The combination of these two pressures, rising unemployment on one side and persistent inflation on the other, describes the classic stagflationary bind. KPMG's commentary does not use that term explicitly, but the structural description is recognizable: the economy is experiencing deterioration on both of the Fed's dual mandate objectives simultaneously.
The Fed's uncomfortable position
No section of the commentary lands with more weight than its assessment of the Federal Reserve's current posture. "The Fed stays uncomfortably on the sidelines," KPMG writes, and the word "uncomfortably" is doing significant work in that sentence. The Fed is not waiting by choice or out of confidence. It is pinned.
The specific pressures keeping it there are enumerated directly: "Soaring oil prices, tariff-related price hikes and signs that service sector inflation is accelerating have left the Fed on the sidelines." Service sector inflation is a particularly stubborn category because it reflects wages, rents, and domestic demand rather than commodity swings, meaning it does not resolve quickly when oil prices stabilize.
The commentary frames the Fed's mandate in explicit terms: "It needs to derail the inflation that emerged after the pandemic." That inflation, which proved more durable than policymakers initially anticipated, remains the backdrop against which every subsequent price shock is being measured. Each new upward pressure, whether from tariffs or energy markets, makes the job of returning to target more complicated and the timeline for rate relief longer.
The narrowing path to a soft landing
KPMG's concluding assessment is blunt: "The path to a soft landing has narrowed, given the rise in both inflation and unemployment." Soft landing scenarios require the Fed to thread a narrow needle, cooling inflation without triggering a significant employment downturn. When both variables move in the wrong direction at once, the needle's eye closes.

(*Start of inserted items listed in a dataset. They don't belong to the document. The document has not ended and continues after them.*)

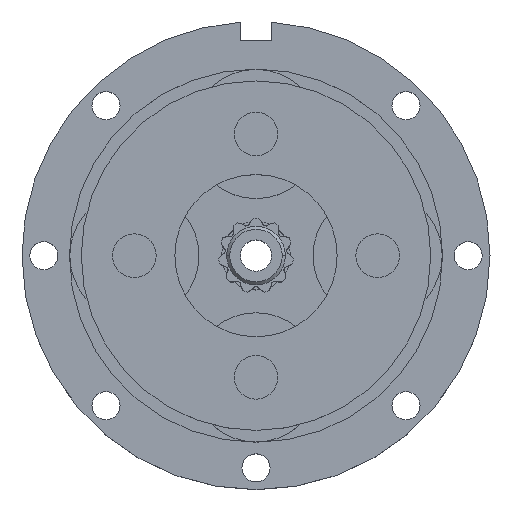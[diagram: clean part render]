
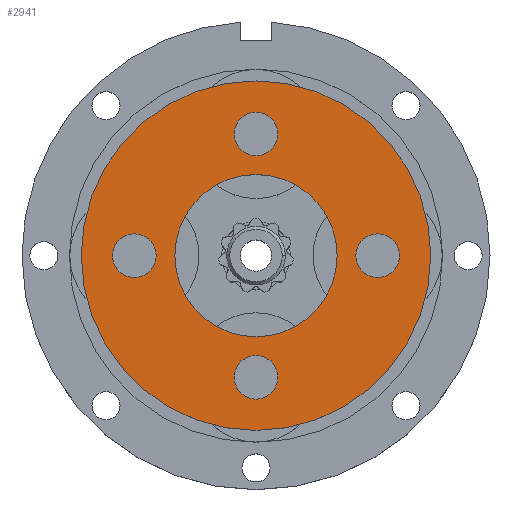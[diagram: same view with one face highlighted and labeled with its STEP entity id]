
A CAD part, top view. The second image highlights one B-rep face of the part: STEP entity #2941.
In plain terms, the highlighted planar face has unit normal (0, 0, 1).
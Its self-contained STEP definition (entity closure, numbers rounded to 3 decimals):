
#70 = DIRECTION ( 'NONE',  ( 0., 0., 1. ) ) ;
#136 = DIRECTION ( 'NONE',  ( 1., 0., 0. ) ) ;
#152 = FACE_BOUND ( 'NONE', #5402, .T. ) ;
#238 = EDGE_LOOP ( 'NONE', ( #1701, #3254 ) ) ;
#251 = CIRCLE ( 'NONE', #7250, 28. ) ;
#463 = DIRECTION ( 'NONE',  ( 0., 0., 1. ) ) ;
#768 = CARTESIAN_POINT ( 'NONE',  ( 0., 0., 8.35 ) ) ;
#1024 = VERTEX_POINT ( 'NONE', #2514 ) ;
#1031 = CARTESIAN_POINT ( 'NONE',  ( 19.5, 3.5, 8.35 ) ) ;
#1182 = CIRCLE ( 'NONE', #13735, 3.5 ) ;
#1241 = AXIS2_PLACEMENT_3D ( 'NONE', #4129, #2985, #7299 ) ;
#1370 = DIRECTION ( 'NONE',  ( 0., 0., 1. ) ) ;
#1428 = DIRECTION ( 'NONE',  ( 0., 1., 0. ) ) ;
#1678 = VERTEX_POINT ( 'NONE', #8014 ) ;
#1701 = ORIENTED_EDGE ( 'NONE', *, *, #13750, .F. ) ;
#2148 = CARTESIAN_POINT ( 'NONE',  ( 0., 19.5, 8.35 ) ) ;
#2369 = VERTEX_POINT ( 'NONE', #5346 ) ;
#2473 = CARTESIAN_POINT ( 'NONE',  ( 3.5, -19.5, 8.35 ) ) ;
#2498 = DIRECTION ( 'NONE',  ( 1., 0., 0. ) ) ;
#2514 = CARTESIAN_POINT ( 'NONE',  ( -19.5, 3.5, 8.35 ) ) ;
#2516 = CARTESIAN_POINT ( 'NONE',  ( 0., 0., 8.35 ) ) ;
#2567 = FACE_BOUND ( 'NONE', #238, .T. ) ;
#2627 = DIRECTION ( 'NONE',  ( -1., 0., 0. ) ) ;
#2785 = DIRECTION ( 'NONE',  ( 0., 1., 0. ) ) ;
#2799 = AXIS2_PLACEMENT_3D ( 'NONE', #11862, #14292, #2785 ) ;
#2895 = CIRCLE ( 'NONE', #10378, 3.5 ) ;
#2941 = ADVANCED_FACE ( 'NONE', ( #9449, #2567, #11647, #5908, #10515, #152 ), #6880, .T. ) ;
#2985 = DIRECTION ( 'NONE',  ( 0., 0., 1. ) ) ;
#3254 = ORIENTED_EDGE ( 'NONE', *, *, #5795, .F. ) ;
#3416 = DIRECTION ( 'NONE',  ( 1., 0., 0. ) ) ;
#3428 = VERTEX_POINT ( 'NONE', #10260 ) ;
#3643 = AXIS2_PLACEMENT_3D ( 'NONE', #14977, #70, #2627 ) ;
#3647 = DIRECTION ( 'NONE',  ( 0., 0., 1. ) ) ;
#3817 = VERTEX_POINT ( 'NONE', #1031 ) ;
#4029 = DIRECTION ( 'NONE',  ( 0., 0., 1. ) ) ;
#4043 = ORIENTED_EDGE ( 'NONE', *, *, #11217, .F. ) ;
#4129 = CARTESIAN_POINT ( 'NONE',  ( 0., -19.5, 8.35 ) ) ;
#4715 = AXIS2_PLACEMENT_3D ( 'NONE', #9375, #1370, #3416 ) ;
#4853 = CIRCLE ( 'NONE', #13301, 3.5 ) ;
#5010 = DIRECTION ( 'NONE',  ( 0., -1., 0. ) ) ;
#5090 = DIRECTION ( 'NONE',  ( 0., 0., 1. ) ) ;
#5166 = DIRECTION ( 'NONE',  ( 0., 0., 1. ) ) ;
#5287 = EDGE_CURVE ( 'NONE', #3817, #2369, #8412, .T. ) ;
#5289 = AXIS2_PLACEMENT_3D ( 'NONE', #14818, #11551, #136 ) ;
#5346 = CARTESIAN_POINT ( 'NONE',  ( 19.5, -3.5, 8.35 ) ) ;
#5402 = EDGE_LOOP ( 'NONE', ( #4043, #10845 ) ) ;
#5782 = EDGE_CURVE ( 'NONE', #1024, #3428, #2895, .T. ) ;
#5795 = EDGE_CURVE ( 'NONE', #7859, #7596, #9639, .T. ) ;
#5908 = FACE_BOUND ( 'NONE', #12104, .T. ) ;
#6197 = CARTESIAN_POINT ( 'NONE',  ( -28., 0., 8.35 ) ) ;
#6295 = CARTESIAN_POINT ( 'NONE',  ( 0., 19.5, 8.35 ) ) ;
#6813 = CARTESIAN_POINT ( 'NONE',  ( 19.5, 0., 8.35 ) ) ;
#6880 = PLANE ( 'NONE',  #4715 ) ;
#7250 = AXIS2_PLACEMENT_3D ( 'NONE', #2516, #5090, #9397 ) ;
#7299 = DIRECTION ( 'NONE',  ( -1., 0., 0. ) ) ;
#7574 = DIRECTION ( 'NONE',  ( 1., 0., 0. ) ) ;
#7596 = VERTEX_POINT ( 'NONE', #2473 ) ;
#7650 = DIRECTION ( 'NONE',  ( 1., 0., 0. ) ) ;
#7818 = EDGE_CURVE ( 'NONE', #10226, #14851, #1182, .T. ) ;
#7859 = VERTEX_POINT ( 'NONE', #10157 ) ;
#8014 = CARTESIAN_POINT ( 'NONE',  ( -13., 0., 8.35 ) ) ;
#8045 = ORIENTED_EDGE ( 'NONE', *, *, #5782, .F. ) ;
#8085 = DIRECTION ( 'NONE',  ( 0., 0., 1. ) ) ;
#8412 = CIRCLE ( 'NONE', #10817, 3.5 ) ;
#8569 = CARTESIAN_POINT ( 'NONE',  ( 3.5, 19.5, 8.35 ) ) ;
#8638 = ORIENTED_EDGE ( 'NONE', *, *, #7818, .F. ) ;
#9252 = ORIENTED_EDGE ( 'NONE', *, *, #5287, .F. ) ;
#9326 = CIRCLE ( 'NONE', #2799, 3.5 ) ;
#9375 = CARTESIAN_POINT ( 'NONE',  ( 0., 0., 8.35 ) ) ;
#9397 = DIRECTION ( 'NONE',  ( 1., 0., 0. ) ) ;
#9449 = FACE_BOUND ( 'NONE', #10851, .T. ) ;
#9489 = ORIENTED_EDGE ( 'NONE', *, *, #12534, .F. ) ;
#9560 = CIRCLE ( 'NONE', #14173, 28. ) ;
#9597 = ORIENTED_EDGE ( 'NONE', *, *, #9742, .F. ) ;
#9639 = CIRCLE ( 'NONE', #3643, 3.5 ) ;
#9654 = EDGE_CURVE ( 'NONE', #10915, #11027, #9560, .T. ) ;
#9742 = EDGE_CURVE ( 'NONE', #3428, #1024, #9326, .T. ) ;
#10157 = CARTESIAN_POINT ( 'NONE',  ( -3.5, -19.5, 8.35 ) ) ;
#10226 = VERTEX_POINT ( 'NONE', #8569 ) ;
#10260 = CARTESIAN_POINT ( 'NONE',  ( -19.5, -3.5, 8.35 ) ) ;
#10378 = AXIS2_PLACEMENT_3D ( 'NONE', #11774, #8085, #1428 ) ;
#10515 = FACE_OUTER_BOUND ( 'NONE', #12783, .T. ) ;
#10706 = CARTESIAN_POINT ( 'NONE',  ( -3.5, 19.5, 8.35 ) ) ;
#10817 = AXIS2_PLACEMENT_3D ( 'NONE', #6813, #11423, #12406 ) ;
#10845 = ORIENTED_EDGE ( 'NONE', *, *, #12494, .F. ) ;
#10851 = EDGE_LOOP ( 'NONE', ( #9597, #8045 ) ) ;
#10915 = VERTEX_POINT ( 'NONE', #6197 ) ;
#11027 = VERTEX_POINT ( 'NONE', #13160 ) ;
#11137 = DIRECTION ( 'NONE',  ( 1., 0., 0. ) ) ;
#11217 = EDGE_CURVE ( 'NONE', #1678, #14176, #12282, .T. ) ;
#11423 = DIRECTION ( 'NONE',  ( 0., 0., 1. ) ) ;
#11551 = DIRECTION ( 'NONE',  ( 0., 0., 1. ) ) ;
#11640 = ORIENTED_EDGE ( 'NONE', *, *, #12381, .F. ) ;
#11647 = FACE_BOUND ( 'NONE', #13242, .T. ) ;
#11774 = CARTESIAN_POINT ( 'NONE',  ( -19.5, 0., 8.35 ) ) ;
#11813 = CARTESIAN_POINT ( 'NONE',  ( 13., 0., 8.35 ) ) ;
#11862 = CARTESIAN_POINT ( 'NONE',  ( -19.5, 0., 8.35 ) ) ;
#11886 = CARTESIAN_POINT ( 'NONE',  ( 19.5, 0., 8.35 ) ) ;
#12104 = EDGE_LOOP ( 'NONE', ( #9489, #8638 ) ) ;
#12282 = CIRCLE ( 'NONE', #5289, 13. ) ;
#12297 = ORIENTED_EDGE ( 'NONE', *, *, #12392, .T. ) ;
#12381 = EDGE_CURVE ( 'NONE', #2369, #3817, #4853, .T. ) ;
#12392 = EDGE_CURVE ( 'NONE', #11027, #10915, #251, .T. ) ;
#12406 = DIRECTION ( 'NONE',  ( 0., -1., 0. ) ) ;
#12494 = EDGE_CURVE ( 'NONE', #14176, #1678, #12574, .T. ) ;
#12534 = EDGE_CURVE ( 'NONE', #14851, #10226, #14754, .T. ) ;
#12574 = CIRCLE ( 'NONE', #14267, 13. ) ;
#12783 = EDGE_LOOP ( 'NONE', ( #13038, #12297 ) ) ;
#13038 = ORIENTED_EDGE ( 'NONE', *, *, #9654, .T. ) ;
#13160 = CARTESIAN_POINT ( 'NONE',  ( 28., 0., 8.35 ) ) ;
#13242 = EDGE_LOOP ( 'NONE', ( #9252, #11640 ) ) ;
#13301 = AXIS2_PLACEMENT_3D ( 'NONE', #11886, #463, #5010 ) ;
#13543 = AXIS2_PLACEMENT_3D ( 'NONE', #6295, #5166, #7650 ) ;
#13735 = AXIS2_PLACEMENT_3D ( 'NONE', #2148, #14786, #11137 ) ;
#13750 = EDGE_CURVE ( 'NONE', #7596, #7859, #14277, .T. ) ;
#14009 = CARTESIAN_POINT ( 'NONE',  ( 0., 0., 8.35 ) ) ;
#14173 = AXIS2_PLACEMENT_3D ( 'NONE', #14009, #3647, #2498 ) ;
#14176 = VERTEX_POINT ( 'NONE', #11813 ) ;
#14267 = AXIS2_PLACEMENT_3D ( 'NONE', #768, #4029, #7574 ) ;
#14277 = CIRCLE ( 'NONE', #1241, 3.5 ) ;
#14292 = DIRECTION ( 'NONE',  ( 0., 0., 1. ) ) ;
#14754 = CIRCLE ( 'NONE', #13543, 3.5 ) ;
#14786 = DIRECTION ( 'NONE',  ( 0., 0., 1. ) ) ;
#14818 = CARTESIAN_POINT ( 'NONE',  ( 0., 0., 8.35 ) ) ;
#14851 = VERTEX_POINT ( 'NONE', #10706 ) ;
#14977 = CARTESIAN_POINT ( 'NONE',  ( 0., -19.5, 8.35 ) ) ;
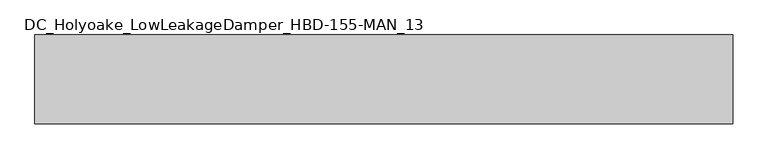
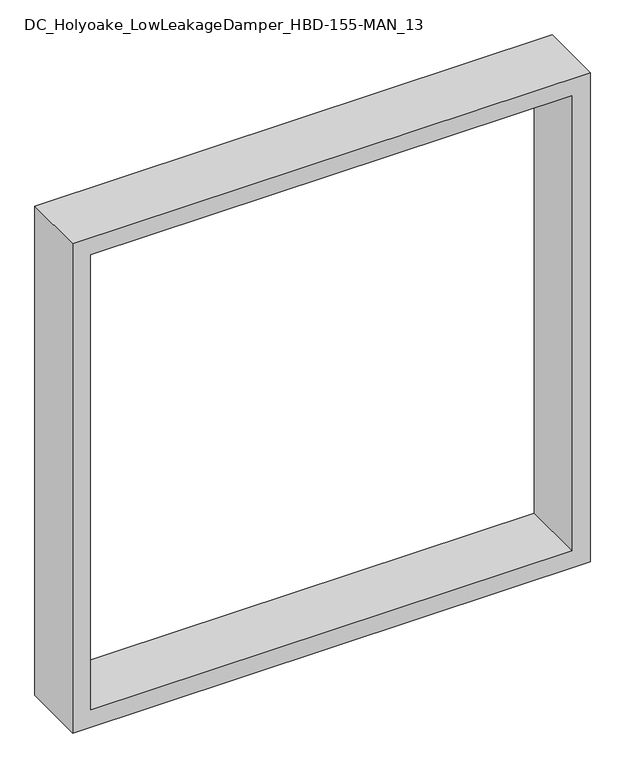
"""IFC4 building model written with IfcOpenShell, lengths in millimetres: damper geometry, DC_Holyoake_LowLeakageDamper_HBD-155-MAN_13 : Variable Width & Height."""

from ifc_helpers import new_model, si_unit, frame, origin, place, context, project, spatial, polyline, outline, extrude, source, transform, mapped, element, save


def dc_holyoake_lowleakagedamper_hbd_155_man_13_40de1610(model_context):
    return source(origin(), model_context, "Body", "SweptSolid", [
        extrude(outline(polyline([(1000.8182368, 1000.0), (1000.8182368, 0.0), (0.8182368, 0.0), (0.8182368, 1000.0), (1000.8182368, 1000.0)]), holes=[polyline([(35.8182368, 965.0), (35.8182368, 35.0), (965.8182368, 35.0), (965.8182368, 965.0), (35.8182368, 965.0)])]), frame((0.0, 0.0, 0.0), z_axis=(0.0, 1.0, 0.0), x_axis=(0.0, 0.0, 1.0)), (0.0, 0.0, 1.0), 127.0),
    ])


if __name__ == "__main__":
    model = new_model("IFC4")
    model_context = context("Model", 3, world=origin())
    ifc_project = project(units=[si_unit("LENGTHUNIT", "METRE", prefix="MILLI")], contexts=[model_context])
    site = spatial("IfcSite", under=ifc_project)
    building = spatial("IfcBuilding", under=site)
    placement = place(None, origin())
    dc_holyoake_lowleakagedamper_hbd_155_man_13_shape = dc_holyoake_lowleakagedamper_hbd_155_man_13_40de1610(model_context)
    element("IfcDamper", 1, ObjectType="DC_Holyoake_LowLeakageDamper_HBD-155-MAN_13 : Variable Width & Height", at=placement, inside=building, context=model_context, shape_type="MappedRepresentation", body=[
        mapped(dc_holyoake_lowleakagedamper_hbd_155_man_13_shape, transform((0.0, 0.0, 0.0), x_axis=(1.0, 0.0, 0.0), y_axis=(0.0, 1.0, 0.0), z_axis=(0.0, 0.0, 1.0))),
    ])
    save(model, "model.ifc")

For corporate leaders and investors, this framing changes the planning calculus. A soft landing in early 2025 looked plausible; the question now, as KPMG frames it, is not whether conditions have become more difficult but by how much and for how long. The butterfly effect of the piece's title captures this logic: the initial geopolitical disturbance was not catastrophic in isolation, but its interactions with tariff policy, energy markets, and Fed constraints have amplified its impact in ways that compound across the forecast horizon.
What this means for reading the rest of 2026
The Economic Compass is part of KPMG Economics' ongoing series of institutional commentary aimed at corporate and investment audiences navigating macro conditions. The March 2026 edition sits alongside related KPMG insights including pieces titled "Navigating an erosion in trust" and "Lessons from the water's edge," suggesting a broader thematic thread in the firm's current research: the challenge of operating in environments where established frameworks and institutional credibility are under stress.
The butterfly effect framing is more than rhetorical decoration. It is an argument about how to read the next several months. Small developments in oil markets, trade negotiations, or geopolitical hotspots should not be evaluated in isolation. Each carries the potential to interact with existing vulnerabilities, whether a constrained Fed, a weakening labor market, or inflation that has not fully subsided, in ways that produce outsized consequences. For anyone tracking the economic environment in which KPMG and its clients operate, that is the analytical lens the firm's Economics team is now applying to 2026.